Several steps remain before debt ceiling actually raised
A bill will have to pass out of the House Rules Committee before an expected House floor vote on Wednesday – keeping with the House GOP rule to have 72 hours between release of text and a vote.
But Rep. Chip Roy (R-Texas) said in a tweet that he will try to stop the bill from passing the House. And Russ Vought, the president of Citizens for Renewing America who was instrumental in the strategy of those resisting McCarthy for Speaker in January and extracting concessions from him, suggested that three of the 20 members who resisted McCarthy for Speaker could block the bill from coming to the House floor.
Along with Roy, two other McCarthy detractors from the Speaker fight – Rep. Ralph Norman (R-S.C.) and Rep. Thomas Massie (R-Ky.) – sit on the House Rules Committee.
But only the three Republicans could block the legislation if all four Democrats on the panel voted against the rule.
Senate may work through weekend to meet deadline
Senate Majority Leader Chuck Schumer (D-N.Y.) warned Democrats on Sunday that the chamber could work on Friday and through the weekend to pass the debt limit bill once it clears the House. The Senate is slated to reconvene from Memorial Day recess on Tuesday.

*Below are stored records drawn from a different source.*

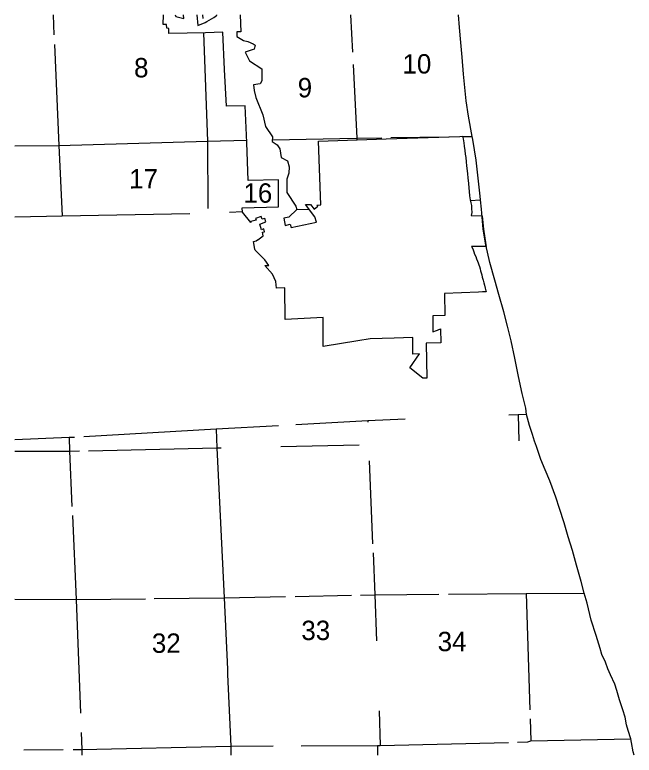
# Model space of a CAD drawing. Extents: x -2096698 to 6160, y -2144490 to 6200.
# Drawn here: x -2096698 to -2074784, y -2144490 to -2118284 of the extents above; entities that cross this region are included whole.
import ezdxf

# ---------------------------------------------------------------- set-up
doc = ezdxf.new("R2010")
doc.units = 0
for name, color, linetype in [('tdCoCorpBndry', 7, 'Continuous'), ('tdCoSectLinePart', 7, 'Continuous'), ('tdCoSectNmbr', 7, 'Continuous')]:
    doc.layers.add(name, color=color, linetype=linetype)

msp = doc.modelspace()

# ---------------------------------------------------------------- linework, layer by layer
at = {"layer": 'tdCoCorpBndry'}
for points in [[(-2088724, -2118284), (-2088705, -2118887), (-2088844, -2118891), (-2088842, -2119050), (-2088604, -2119197), (-2088450, -2119224), (-2088268, -2119308), (-2088200, -2119360), (-2088232, -2119497), (-2088546, -2119610), (-2088395, -2119912), (-2087962, -2120191), (-2087954, -2120618), (-2088013, -2120731), (-2088259, -2120757), (-2088230, -2120966), (-2088174, -2121214), (-2087918, -2121827), (-2087828, -2122237), (-2087578, -2122601), (-2087589, -2122774), (-2087416, -2122890), (-2087317, -2123029), (-2087273, -2123331), (-2087050, -2123455), (-2086994, -2123670), (-2086998, -2123894), (-2087071, -2124104), (-2087070, -2124578), (-2086761, -2125054), (-2086720, -2125175), (-2087002, -2125445), (-2087183, -2125483), (-2087130, -2125736), (-2086952, -2125696), (-2086923, -2125816), (-2086030, -2125619), (-2086080, -2125429), (-2086412, -2125000), (-2086240, -2124998), (-2086104, -2125164), (-2085979, -2125060), (-2086009, -2125016), (-2085873, -2125011), (-2085959, -2122752), (-2083559, -2122673), (-2080958, -2122587), (-2080853, -2122584), (-2080831, -2122679), (-2080815, -2122818), (-2080800, -2122938), (-2080778, -2123083), (-2080762, -2123218), (-2080745, -2123336), (-2080727, -2123489), (-2080714, -2123635), (-2080697, -2123802), (-2080685, -2123908), (-2080665, -2124051), (-2080650, -2124254), (-2080632, -2124406), (-2080618, -2124541), (-2080610, -2124693), (-2080592, -2124828), (-2080561, -2124939), (-2080545, -2125034), (-2080538, -2125154), (-2080528, -2125264), (-2080529, -2125285), (-2080556, -2125388), (-2080163, -2125396), (-2080120, -2125877), (-2080034, -2126421), (-2080021, -2126480), (-2080027, -2126480), (-2080539, -2126485), (-2080511, -2126516), (-2080485, -2126601), (-2080460, -2126672), (-2080431, -2126753), (-2080387, -2126837), (-2080362, -2126920), (-2080331, -2126999), (-2080308, -2127062), (-2080281, -2127129), (-2080258, -2127196), (-2080237, -2127273), (-2080218, -2127344), (-2080193, -2127417), (-2080174, -2127491), (-2080158, -2127572), (-2080130, -2127671), (-2080102, -2127768), (-2080081, -2127851), (-2080058, -2127962), (-2080032, -2128059), (-2080025, -2128085), (-2080156, -2128090), (-2080287, -2128096), (-2081495, -2128147), (-2081484, -2128923), (-2081911, -2128941), (-2081907, -2129477), (-2081906, -2129503), (-2081782, -2129457), (-2081739, -2129441), (-2081716, -2129433), (-2081638, -2129404), (-2081621, -2129891), (-2082143, -2129909), (-2082119, -2131143), (-2082257, -2131151), (-2082724, -2130776), (-2082374, -2130282), (-2082620, -2130298), (-2082619, -2130082), (-2082620, -2129704), (-2083271, -2129727), (-2084131, -2129757), (-2084557, -2129827), (-2085788, -2130029), (-2085794, -2129001), (-2087135, -2129063), (-2087141, -2127942), (-2087445, -2127957), (-2087459, -2127728), (-2087582, -2127463), (-2087852, -2127162), (-2087708, -2127162), (-2087858, -2126961), (-2088120, -2126691), (-2088196, -2126612), (-2088203, -2126578), (-2088257, -2126309), (-2088163, -2126286), (-2088112, -2126249), (-2088102, -2126243), (-2087910, -2126106), (-2087939, -2125982), (-2087859, -2125960), (-2087886, -2125862), (-2087966, -2125889), (-2088028, -2125698), (-2087813, -2125617), (-2087855, -2125488), (-2087949, -2125519), (-2087980, -2125428), (-2088180, -2125491), (-2088160, -2125551), (-2088353, -2125605), (-2088348, -2125636), (-2088642, -2125271), (-2088659, -2125118), (-2087371, -2125081), (-2087373, -2124121), (-2088446, -2124147), (-2088489, -2122804), (-2088551, -2121503), (-2089212, -2121520), (-2089274, -2120219), (-2089337, -2118904), (-2089952, -2118919), (-2091247, -2118946), (-2091251, -2118770), (-2091324, -2118762), (-2091333, -2118625), (-2091448, -2118628), (-2091432, -2118284)], [(-2091026, -2118284), (-2091007, -2118341), (-2090715, -2118411), (-2090732, -2118284)], [(-2090256, -2118284), (-2090223, -2118664), (-2090164, -2118643), (-2089964, -2118552), (-2089905, -2118523), (-2089739, -2118432), (-2089657, -2118383), (-2089559, -2118308), (-2089545, -2118298), (-2089546, -2118284)]]:
    msp.add_lwpolyline(points, dxfattribs=at)
at = {"layer": 'tdCoSectLinePart'}
for p, q in [((-2095345, -2118284), (-2095314, -2118990)), ((-2090053, -2118284), (-2090048, -2118416)), ((-2084825, -2118284), (-2084755, -2119606)), ((-2096698, -2122916), (-2095139, -2122909)), ((-2096698, -2125433), (-2095024, -2125403)), ((-2094773, -2133251), (-2096698, -2133327)), ((-2096698, -2133734), (-2094762, -2133728)), ((-2096698, -2138970), (-2094533, -2138982)), ((-2089061, -2144167), (-2089056, -2144490)), ((-2083866, -2144148), (-2083861, -2144490)), ((-2094326, -2144284), (-2094322, -2144490))]:
    msp.add_line(p, q, dxfattribs=at)
for points in [[(-2080519, -2122587), (-2080651, -2121866), (-2080732, -2121334), (-2080828, -2120390), (-2080869, -2119780), (-2080916, -2119260), (-2080969, -2118734), (-2081002, -2118284)], [(-2090028, -2118920), (-2089875, -2122752)], [(-2095298, -2119336), (-2095139, -2122909)], [(-2084731, -2120046), (-2084593, -2122649)], [(-2087586, -2122708), (-2084593, -2122649)], [(-2084593, -2122649), (-2083717, -2122636)], [(-2084593, -2122649), (-2084592, -2122707)], [(-2083398, -2122631), (-2081355, -2122600)], [(-2080853, -2122592), (-2080519, -2122587)], [(-2080221, -2124837), (-2080236, -2124702), (-2080307, -2124061), (-2080378, -2123430), (-2080489, -2122692), (-2080519, -2122587)], [(-2095139, -2122909), (-2089875, -2122752)], [(-2095139, -2122909), (-2095024, -2125403)], [(-2089875, -2122752), (-2088494, -2122725)], [(-2089875, -2122752), (-2089871, -2125140)], [(-2080585, -2124859), (-2080221, -2124837)], [(-2078596, -2132435), (-2078619, -2132203), (-2078751, -2131689), (-2078875, -2131088), (-2079003, -2130438), (-2079138, -2129825), (-2079266, -2129300), (-2079393, -2128796), (-2079570, -2128183), (-2079717, -2127671), (-2079896, -2127049), (-2080036, -2126421), (-2080122, -2125877), (-2080184, -2125168), (-2080221, -2124837)], [(-2095024, -2125403), (-2090506, -2125311)], [(-2089100, -2125269), (-2088646, -2125251)], [(-2086725, -2125178), (-2086289, -2125162)], [(-2086113, -2125155), (-2086094, -2125154)], [(-2084210, -2132656), (-2086751, -2132795)], [(-2082892, -2132602), (-2084210, -2132656)], [(-2084210, -2132656), (-2084209, -2132698)], [(-2078883, -2132440), (-2079215, -2132453)], [(-2078596, -2132435), (-2078883, -2132440)], [(-2078883, -2132440), (-2078865, -2133364)], [(-2078312, -2133370), (-2078384, -2133144), (-2078484, -2132817), (-2078596, -2132435)], [(-2087365, -2132829), (-2089572, -2132951)], [(-2089572, -2132951), (-2094256, -2133221)], [(-2089572, -2132951), (-2089554, -2133614)], [(-2094583, -2133240), (-2094773, -2133251)], [(-2094773, -2133251), (-2094762, -2133728)], [(-2076556, -2138755), (-2076655, -2138342), (-2076830, -2137761), (-2076972, -2137244), (-2077118, -2136756), (-2077264, -2136264), (-2077427, -2135756), (-2077553, -2135354), (-2077772, -2134780), (-2077930, -2134386), (-2078085, -2134028), (-2078237, -2133565), (-2078312, -2133370)], [(-2094093, -2133713), (-2089554, -2133614)], [(-2089554, -2133614), (-2089397, -2133611)], [(-2089554, -2133614), (-2089287, -2138916)], [(-2087289, -2133563), (-2084516, -2133501)], [(-2094762, -2133728), (-2094415, -2133720)], [(-2094762, -2133728), (-2094677, -2135687)], [(-2084163, -2134073), (-2084038, -2137010)], [(-2094663, -2136010), (-2094533, -2138982)], [(-2084024, -2137326), (-2083961, -2138815)], [(-2094533, -2138982), (-2092079, -2138951)], [(-2091763, -2138947), (-2089287, -2138916)], [(-2089287, -2138916), (-2087126, -2138875)], [(-2089287, -2138916), (-2089171, -2141451), (-2089177, -2141639), (-2089061, -2144167)], [(-2086783, -2138869), (-2084788, -2138831)], [(-2084471, -2138825), (-2083961, -2138815)], [(-2083961, -2138815), (-2081695, -2138793)], [(-2083961, -2138815), (-2083902, -2140441)], [(-2081359, -2138790), (-2078601, -2138763)], [(-2078601, -2138763), (-2076556, -2138755)], [(-2078601, -2138763), (-2078472, -2142883)], [(-2074906, -2143912), (-2074995, -2143613), (-2075055, -2143411), (-2075105, -2143146), (-2075188, -2142879), (-2075298, -2142528), (-2075400, -2142201), (-2075469, -2141978), (-2075618, -2141649), (-2075712, -2141434), (-2075804, -2141195), (-2075930, -2140927), (-2075986, -2140709), (-2076134, -2140252), (-2076304, -2139707), (-2076449, -2139108), (-2076556, -2138755)], [(-2094533, -2138982), (-2094376, -2143004)], [(-2083811, -2142923), (-2083767, -2144148)], [(-2078462, -2143201), (-2078437, -2143982)], [(-2094349, -2143691), (-2094326, -2144284)], [(-2078437, -2143982), (-2074906, -2143912)], [(-2074784, -2144490), (-2074817, -2144372), (-2074881, -2144044), (-2074906, -2143912)], [(-2094326, -2144284), (-2089061, -2144167)], [(-2089061, -2144167), (-2087559, -2144161)], [(-2086563, -2144158), (-2083866, -2144148)], [(-2083866, -2144148), (-2083767, -2144148)], [(-2083767, -2144148), (-2079231, -2144035)], [(-2078909, -2144027), (-2078541, -2144018)], [(-2078541, -2144018), (-2078437, -2143982)], [(-2096382, -2144296), (-2094982, -2144288)], [(-2094634, -2144285), (-2094326, -2144284)]]:
    msp.add_lwpolyline(points, dxfattribs=at)

# ---------------------------------------------------------------- texts
at = {"layer": 'tdCoSectNmbr'}
for s, height, rotation, p in [('8', 686, 0.0882, (-2092479, -2120499)), ('10', 686.4, 0.0896, (-2082982, -2120364)), ('9', 686, 0.089, (-2086688, -2121206)), ('17', 686.4, 0.0881, (-2092653, -2124432)), ('16', 686.4, 0.0889, (-2088609, -2124936)), ('33', 686.4, 0.089, (-2086560, -2140416)), ('32', 686.4, 0.0881, (-2091848, -2140868)), ('34', 686.4, 0.0898, (-2081737, -2140810))]:
    msp.add_text(s, height=height, rotation=rotation, dxfattribs=at).set_placement(p)

doc.saveas('drawing.dxf')

“When the bill passes the House, I will move to immediately begin consideration of the agreement in the Senate,” Schumer wrote in a letter to Democratic colleagues. “Due to the time it may take to process the legislation in the Senate without cooperation, Senators should prepare for potential Friday and weekend votes.”
That process, however, could be elongated if senators use procedural tools to drag out the legislative process as a way to protest the agreement. Last week, for example, Sen. Mike Lee (R-Utah) threatened to use “every procedural tool” possible to slow-down Senate consideration of the debt limit bill should it not have “substantial spending and budgetary reforms.”
“I will use every procedural tool at my disposal to impede a debt-ceiling deal that doesn’t contain substantial spending and budgetary reforms. I fear things are moving in that direction. If they do, that proposal will not face smooth sailing in the Senate,” Lee wrote on Twitter.
The threat comes as lawmakers stare down a June 5 deadline, after Treasury Secretary Janet Yellen said that is the date the U.S. will run out of cash to pay its bills.